Return each line of the records holding the string "layer".

======== DATASET EXTRACT ========

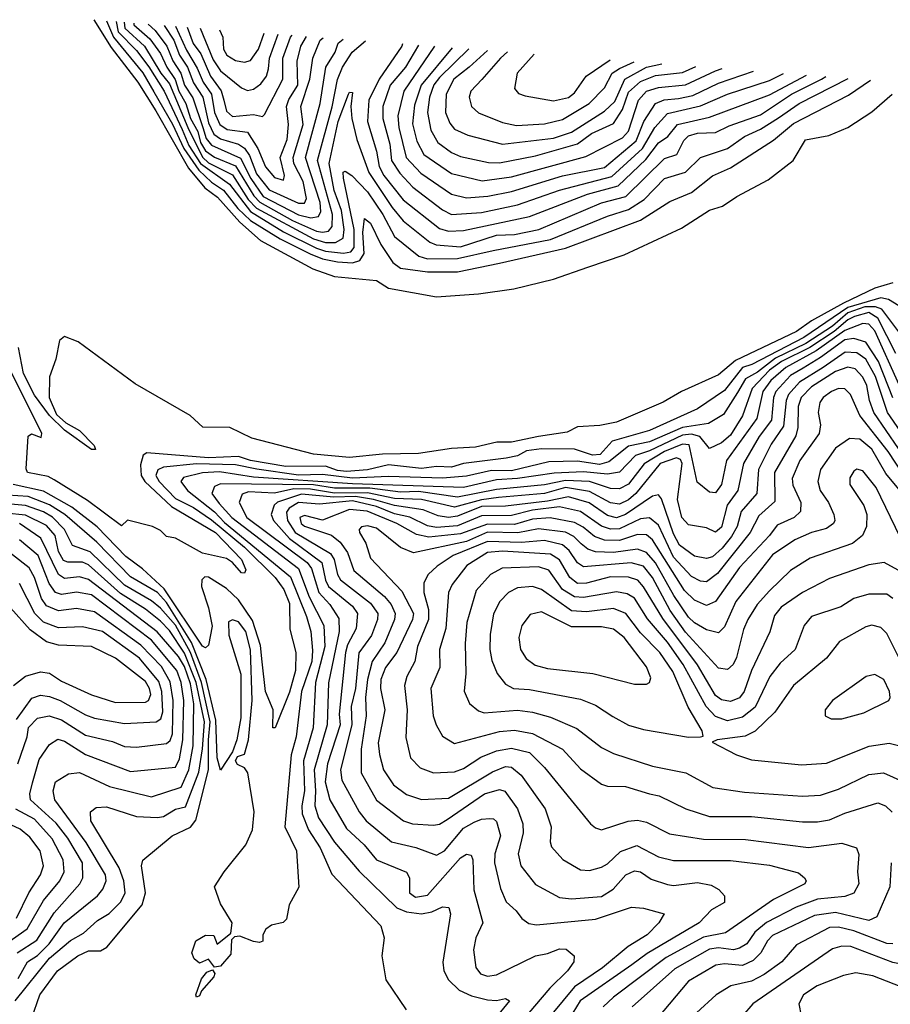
# Model space of a CAD drawing. Extents: x 1308313 to 1441400, y 959662 to 1036319.
# Tile 449 of 656: x 1368376 to 1371277, y 1029933 to 1033214. Entities that reach past the tile are written whole.
import ezdxf

# ---------------------------------------------------------------- set-up
doc = ezdxf.new("R2010")
doc.units = 0

msp = doc.modelspace()

# ---------------------------------------------------------------- linework, layer by layer
at = {"layer": '0CON10XD'}
for points in [[(1368622.7, 1033213.7), (1368681, 1033121), (1368770.3, 1033005), (1368830.1, 1032910.1), (1368938.7, 1032718.7), (1368993.4, 1032653.4), (1369035, 1032622.5), (1369109.3, 1032539.3), (1369178.1, 1032478.1), (1369353.1, 1032383.1), (1369425, 1032358.4), (1369565, 1032344.8), (1369605, 1032319.6), (1369765, 1032290.8), (1369905, 1032300.5), (1370022.5, 1032317.5), (1370155, 1032349.4), (1370269.5, 1032389.5), (1370390.2, 1032429.8), (1370580.9, 1032519.1), (1370675, 1032579.5), (1370718.1, 1032591.9), (1370765.8, 1032625), (1370869.9, 1032680.1), (1370953.5, 1032745), (1370995, 1032813.6), (1371071.8, 1032828.2), (1371135, 1032854.6), (1371215, 1032907.1), (1371283.1, 1032965)], [(1368665.9, 1033209.9), (1368688.3, 1033155), (1368786.3, 1033036.3), (1368823.2, 1032973.2), (1368885.7, 1032865.7), (1368922.7, 1032785), (1368972.6, 1032712.6), (1369015, 1032672), (1369055.4, 1032645.4), (1369103.3, 1032585), (1369145, 1032544.2), (1369243.9, 1032483.9), (1369343.9, 1032433.9), (1369385, 1032417.5), (1369435, 1032407.5), (1369485, 1032403.2), (1369509.1, 1032410.9), (1369523.8, 1032435), (1369519, 1032505), (1369525, 1032551.2), (1369545, 1032535.8), (1369579.3, 1032465), (1369619.6, 1032405), (1369645, 1032386.4), (1369735, 1032374.2), (1369835, 1032373.9), (1369975, 1032403), (1370195, 1032453), (1370445, 1032545.5), (1370542.1, 1032607.9), (1370615, 1032637.9), (1370685, 1032694), (1370745, 1032720.2), (1370887.7, 1032812.3), (1370955, 1032867.7), (1371138.2, 1032961.8), (1371210.9, 1033012.4)], [(1368697.4, 1033207.2), (1368703.7, 1033173.7), (1368765, 1033110.7), (1368806.2, 1033056.2), (1368857.7, 1032975), (1368917.4, 1032847.4), (1368939.6, 1032795), (1368978.1, 1032735), (1369075, 1032665.7), (1369144.9, 1032575), (1369255, 1032507.2), (1369365, 1032452.1), (1369395, 1032442.4), (1369455, 1032436.2), (1369479.5, 1032440.5), (1369490.6, 1032455), (1369490.5, 1032515), (1369455, 1032686.2), (1369454, 1032706), (1369460.6, 1032709.4), (1369482.7, 1032695), (1369535, 1032640.7), (1369586.6, 1032565), (1369625, 1032491.9), (1369706.3, 1032426.3), (1369735, 1032417.1), (1369835, 1032418.2), (1369954.3, 1032444.3), (1370145, 1032480.9), (1370335, 1032559.6), (1370405, 1032580.8), (1370457.2, 1032615), (1370525, 1032684.8), (1370595, 1032705.6), (1370645, 1032754.5), (1370735, 1032784.5), (1370791.4, 1032825), (1370845, 1032848.8), (1370905, 1032886.2), (1370973.6, 1032935), (1371137.1, 1033018.1)], [(1368724.5, 1033205), (1368726, 1033185), (1368792.3, 1033125), (1368846.5, 1033035), (1368875, 1032999.5), (1368936.4, 1032855), (1368985, 1032755.4), (1369005, 1032736.6), (1369085, 1032696.7), (1369137, 1032615), (1369165, 1032586.1), (1369355, 1032483.8), (1369395, 1032471.8), (1369428.2, 1032471.8), (1369454.1, 1032485.9), (1369457.6, 1032515), (1369448.5, 1032578.5), (1369424.1, 1032645), (1369407.6, 1032735), (1369437.8, 1032875), (1369471.4, 1032965), (1369475, 1032972.2), (1369485, 1032971.2), (1369479.3, 1032925), (1369482.6, 1032885), (1369499.4, 1032815), (1369539.4, 1032705), (1369617.5, 1032587.5), (1369653.4, 1032543.4), (1369742.5, 1032472.5), (1369764, 1032464), (1369845, 1032456.7), (1369965, 1032496), (1370025, 1032498), (1370106.4, 1032515), (1370315, 1032603.9), (1370396.1, 1032625), (1370525, 1032751.5), (1370565.6, 1032764.4), (1370589.1, 1032810.9), (1370605, 1032826.4), (1370635, 1032835.6), (1370695, 1032837.8), (1370739.9, 1032860.1), (1370845, 1032896.9), (1370948, 1032965), (1371047.3, 1033015), (1371062.2, 1033023.9)], [(1368756.7, 1033202.5), (1368756.9, 1033196.9), (1368809.9, 1033149.9), (1368845, 1033101.4), (1368866.2, 1033055), (1368894.1, 1033014.1), (1368906.6, 1032975), (1368929.7, 1032935), (1368945.2, 1032885), (1368969.2, 1032840.8), (1368978.8, 1032805), (1368995, 1032776.4), (1369025, 1032756), (1369095, 1032726.7), (1369156.5, 1032626.5), (1369175.8, 1032605.8), (1369285, 1032544.4), (1369365, 1032509.6), (1369385, 1032505.3), (1369405, 1032509.1), (1369417.3, 1032525), (1369418.8, 1032565), (1369368.9, 1032745), (1369417.2, 1032922.8), (1369435.1, 1033014.9), (1369451.7, 1033055), (1369484.2, 1033105.8), (1369528.6, 1033142.7)], [(1368804.7, 1033198.8), (1368828, 1033178), (1368866.5, 1033125), (1368886.5, 1033076.5), (1368913.1, 1033035), (1368925.2, 1032995), (1368953.4, 1032953.4), (1368985.8, 1032854.2), (1368997.7, 1032817.7), (1369015, 1032795.9), (1369112.1, 1032752.1), (1369146, 1032685), (1369187.5, 1032625), (1369305, 1032563.6), (1369346.4, 1032553.6), (1369371.6, 1032558.4), (1369380, 1032575), (1369377.7, 1032605), (1369328.4, 1032755), (1369377.1, 1032935), (1369395.9, 1033055), (1369427.3, 1033105), (1369437.8, 1033135), (1369454.1, 1033148.5)], [(1368857.1, 1033194.8), (1368889.7, 1033145), (1368908.1, 1033095), (1368935.2, 1033055.2), (1368955, 1033002.8), (1368986.6, 1032955), (1369005, 1032870), (1369022.6, 1032832.6), (1369045, 1032816.9), (1369105, 1032798.7), (1369125.2, 1032785.2), (1369141.6, 1032761.6), (1369165, 1032700.4), (1369206.9, 1032646.9), (1369305, 1032601.9), (1369325, 1032602.1), (1369331.9, 1032618.1), (1369320.3, 1032675), (1369289.2, 1032735), (1369287.5, 1032755), (1369320.5, 1032865), (1369312.9, 1032925), (1369343, 1033015), (1369352.6, 1033085), (1369376.8, 1033145), (1369387.4, 1033153.7)], [(1368895.2, 1033191.8), (1368932, 1033112), (1368967.8, 1033052.2), (1368987.7, 1033005), (1369014.8, 1032965), (1369025, 1032904.1), (1369042.6, 1032865), (1369067.6, 1032847.6), (1369135, 1032838.5), (1369170.1, 1032785), (1369195, 1032723.8), (1369225, 1032688.3), (1369255, 1032678.5), (1369259, 1032695), (1369244, 1032755), (1369267.5, 1032815), (1369271.7, 1032865), (1369265.6, 1032925), (1369272.7, 1032947.3), (1369303.4, 1032995), (1369300.6, 1033075), (1369313.2, 1033125), (1369332, 1033158)], [(1368933.8, 1033188.8), (1368953.8, 1033133.8), (1368980, 1033100), (1369011.7, 1033025), (1369047.2, 1032977.2), (1369055.8, 1032945), (1369065, 1032908.6), (1369085, 1032891.3), (1369155, 1032897.5), (1369185, 1032891.5), (1369191.9, 1032898.1), (1369253.1, 1033015), (1369253.3, 1033085), (1369279, 1033155), (1369283.9, 1033161.7)], [(1368977.8, 1033185.4), (1369020.3, 1033080.3), (1369045, 1033043.2), (1369115, 1032986.5), (1369135, 1032978.2), (1369155, 1032982.1), (1369179.9, 1033000.1), (1369198.1, 1033025), (1369205, 1033050), (1369208.2, 1033085), (1369237.3, 1033165.3)], [(1369042.1, 1033180.4), (1369053.3, 1033155), (1369055.7, 1033115), (1369066.6, 1033095), (1369095, 1033077.5), (1369125, 1033072.2), (1369145, 1033078.1), (1369171.4, 1033115), (1369191.1, 1033168.9)], [(1369651.4, 1033133.2), (1369649.5, 1033125), (1369574.4, 1033015.6), (1369539.4, 1032945), (1369535.4, 1032875), (1369565.1, 1032775.1), (1369573.8, 1032725), (1369589.7, 1032695), (1369654, 1032614), (1369775, 1032518.5), (1369805, 1032508.7), (1369855, 1032511.1), (1370075, 1032558.5), (1370267.6, 1032632.4), (1370369.8, 1032660.2), (1370462.5, 1032747.5), (1370505, 1032803), (1370535.5, 1032824.5), (1370568.4, 1032865), (1370675, 1032888.4), (1370875, 1032963.2), (1370998.1, 1033028.9)], [(1369705.3, 1033129.1), (1369662, 1033055), (1369611, 1032995), (1369585.7, 1032925), (1369586.1, 1032885), (1369609.3, 1032799.3), (1369614.9, 1032745), (1369642.3, 1032702.3), (1369685.7, 1032655.7), (1369785, 1032579.7), (1369814.9, 1032564.9), (1369915, 1032571.4), (1370035, 1032596.4), (1370175, 1032646.2), (1370348.8, 1032691.2), (1370451.8, 1032785), (1370492.6, 1032855), (1370535, 1032901.5), (1370645, 1032926.6), (1370735, 1032965.4), (1370875, 1033011.5), (1370921.1, 1033034.9)], [(1369758.6, 1033124.9), (1369655.9, 1032975), (1369636.3, 1032893.7), (1369639, 1032855), (1369664, 1032754), (1369712.3, 1032702.3), (1369815, 1032632.1), (1369865, 1032620.7), (1369935.5, 1032625.5), (1370015, 1032641), (1370185, 1032693.8), (1370325, 1032721.3), (1370430.2, 1032809.8), (1370455.8, 1032875), (1370494.4, 1032935), (1370523.2, 1032946.8), (1370570.9, 1032950.9), (1370618.7, 1032961.3), (1370705, 1033002.3), (1370821.4, 1033042.6)], [(1369817.1, 1033120.4), (1369714.2, 1032995), (1369691.4, 1032928.6), (1369685, 1032866.2), (1369699.2, 1032809.1), (1369722.2, 1032765), (1369815, 1032701.7), (1369916.6, 1032676.6), (1370015, 1032690.6), (1370262.6, 1032757.4), (1370385, 1032819.7), (1370405, 1032842.4), (1370437.6, 1032945), (1370465, 1032975.6), (1370505, 1032987.9), (1370595, 1032996.9), (1370695, 1033043.6), (1370716.5, 1033050.7)], [(1369873.1, 1033116.1), (1369775, 1033021.5), (1369756.2, 1032996.2), (1369741.7, 1032955), (1369735.1, 1032905), (1369745.6, 1032845.6), (1369769.6, 1032805), (1369815, 1032771.6), (1369845, 1032757.7), (1369938.3, 1032738.3), (1369975, 1032736.9), (1370095, 1032759.7), (1370235, 1032800.1), (1370281.7, 1032835), (1370355, 1032868.1), (1370385.1, 1032915), (1370405, 1032972.1), (1370445, 1033008), (1370495, 1033027.5), (1370585, 1033038.1), (1370629, 1033057.5)], [(1369935, 1033111.3), (1369873.8, 1033055), (1369822.8, 1033015), (1369797.7, 1032965), (1369795.2, 1032905), (1369808.9, 1032868.9), (1369825, 1032849.2), (1369868.8, 1032828.8), (1369985, 1032799.4), (1370155, 1032819), (1370215, 1032839), (1370325, 1032908.4), (1370359.2, 1032940.8), (1370392, 1033015), (1370465, 1033055.6), (1370515.4, 1033066.3)], [(1370001, 1033106.1), (1369978.5, 1033085), (1369915.6, 1033014.4), (1369879.2, 1032975), (1369873.3, 1032955), (1369881.6, 1032925), (1369905, 1032902.9), (1369985, 1032870.7), (1370031.4, 1032861.4), (1370125, 1032866.8), (1370185, 1032881.3), (1370273.9, 1032935), (1370325, 1032986.3), (1370350.6, 1033035), (1370375, 1033051.2), (1370423.6, 1033073.4)], [(1370090.1, 1033099.2), (1370034.1, 1033035), (1370024.6, 1032984.6), (1370037.9, 1032967.9), (1370060.2, 1032960.2), (1370155, 1032943.2), (1370204.7, 1032954.7), (1370225, 1032969.5), (1370264.2, 1033025.8), (1370344, 1033079.6)], [(1371285, 1032337.3), (1371225, 1032319.2), (1371120.8, 1032269.2), (1371015, 1032210.3), (1370964.4, 1032175), (1370761.2, 1032078.8), (1370705, 1032030.8), (1370581.5, 1031975), (1370520.2, 1031939.8), (1370365, 1031873.3), (1370308.8, 1031861.2), (1370235, 1031857.7), (1370200, 1031840), (1370104.8, 1031824.8), (1370015, 1031806.2), (1369965.9, 1031805.9), (1369895, 1031789.7), (1369815, 1031785.3), (1369705, 1031768.6), (1369585, 1031765.9), (1369475, 1031754.6), (1369355, 1031766.5), (1369150, 1031820), (1369076.2, 1031855), (1368986.2, 1031856.2), (1368944.4, 1031895), (1368760.7, 1032000.7), (1368570.6, 1032140.6), (1368525, 1032158), (1368508.2, 1032145), (1368497, 1032083), (1368475, 1032023.3), (1368474.8, 1031954.8), (1368498.9, 1031898.9), (1368530.3, 1031870.3), (1368575.7, 1031845), (1368624.2, 1031795), (1368628.3, 1031781.7), (1368615, 1031781.9), (1368525, 1031846), (1368475, 1031894.8), (1368425, 1031962.4), (1368388.7, 1032035), (1368371.7, 1032121.7)], [(1371305, 1032260.7), (1371271.2, 1032281.2), (1371245, 1032286.5), (1371135, 1032254.8), (1370989.2, 1032155), (1370815.3, 1032064.7), (1370785, 1032054.5), (1370725, 1031978.8), (1370635, 1031916.9), (1370475, 1031844.5), (1370350.7, 1031809.3), (1370310.4, 1031765), (1370285, 1031763), (1370225, 1031783.2), (1370115, 1031783.9), (1370065, 1031777.5), (1370035, 1031760.4), (1369997.6, 1031752.4), (1369854.9, 1031735.1), (1369815, 1031722.6), (1369765, 1031725.2), (1369715, 1031718.4), (1369605, 1031730.6), (1369535, 1031714.4), (1369465, 1031708.6), (1369435, 1031711.7), (1369395, 1031726), (1369263.3, 1031725), (1369145, 1031745.1), (1369105, 1031758), (1369005, 1031754.2), (1368799.5, 1031770.5), (1368787.3, 1031762.7), (1368779.1, 1031730.9), (1368781.4, 1031695), (1368793.6, 1031675), (1368881.8, 1031591.8), (1369028.8, 1031505), (1369115.5, 1031415), (1369129.3, 1031380.7), (1369125, 1031370), (1369115, 1031370.9), (1369085.7, 1031405.7), (1369065, 1031418.2), (1368985, 1031436), (1368895, 1031486.2), (1368865, 1031492.3), (1368845, 1031511.6), (1368818.5, 1031525), (1368735, 1031546.2), (1368715, 1031527.5), (1368602, 1031612), (1368491.1, 1031681.1), (1368471.3, 1031691.3), (1368402.5, 1031705), (1368397.4, 1031717.4), (1368403.8, 1031826.2), (1368415, 1031834), (1368448, 1031822), (1368450, 1031835), (1368335.4, 1032065)], [(1371295, 1032101.1), (1371235, 1032218.8), (1371205, 1032238.2), (1371158.1, 1032225), (1371135, 1032214.2), (1371090.4, 1032175), (1371008.7, 1032121.3), (1370915, 1032074.9), (1370875, 1032045.6), (1370816.4, 1031985), (1370785, 1031894.3), (1370745, 1031829.8), (1370715, 1031804.4), (1370675, 1031785.3), (1370641.9, 1031825), (1370615, 1031832.5), (1370585, 1031830), (1370475, 1031777.3), (1370427.9, 1031762.1), (1370375, 1031706.4), (1370335, 1031699.1), (1370255, 1031707.2), (1370156.7, 1031703.3), (1370035, 1031684.6), (1369965, 1031680.9), (1369855, 1031655.6), (1369485, 1031666.9), (1369155, 1031690.1), (1369042.4, 1031707.6), (1368985, 1031703.9), (1368921.5, 1031688.5), (1368912.8, 1031675), (1368934.9, 1031644.9), (1369025, 1031573.7), (1369058.9, 1031538.9), (1369278, 1031358), (1369331.7, 1031225), (1369345.7, 1031175), (1369352, 1031112), (1369349.4, 1031075), (1369314.9, 1030975), (1369296.8, 1030825), (1369280.4, 1030765), (1369259.6, 1030525), (1369298.9, 1030445), (1369306.1, 1030323.9), (1369274, 1030265), (1369265, 1030217.5), (1369253.6, 1030206.4), (1369215, 1030196.7), (1369196.1, 1030183.9), (1369186.7, 1030165), (1369186, 1030144), (1369175, 1030139.2), (1369155, 1030142.1), (1369109.3, 1030160.7), (1369091.8, 1030158.2), (1369081.5, 1030148.5), (1369079.7, 1030100.3), (1369045, 1030060.6), (1369025, 1030056.7), (1369005, 1030083.3), (1368975, 1030070), (1368957.5, 1030085), (1368950, 1030105), (1368963.3, 1030145), (1368995, 1030163.3), (1369023, 1030163), (1369033.6, 1030133.6), (1369079.5, 1030170.5), (1369084, 1030205), (1369045, 1030268.6), (1369025.6, 1030325), (1369057.2, 1030375), (1369129.8, 1030465), (1369151.4, 1030515), (1369156.9, 1030575), (1369136.3, 1030705), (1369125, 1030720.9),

========

**COMPLETED TASK:**
# ---------------------------------------------------------------- linework, layer by layer
at = {"layer": '0CON10XD'}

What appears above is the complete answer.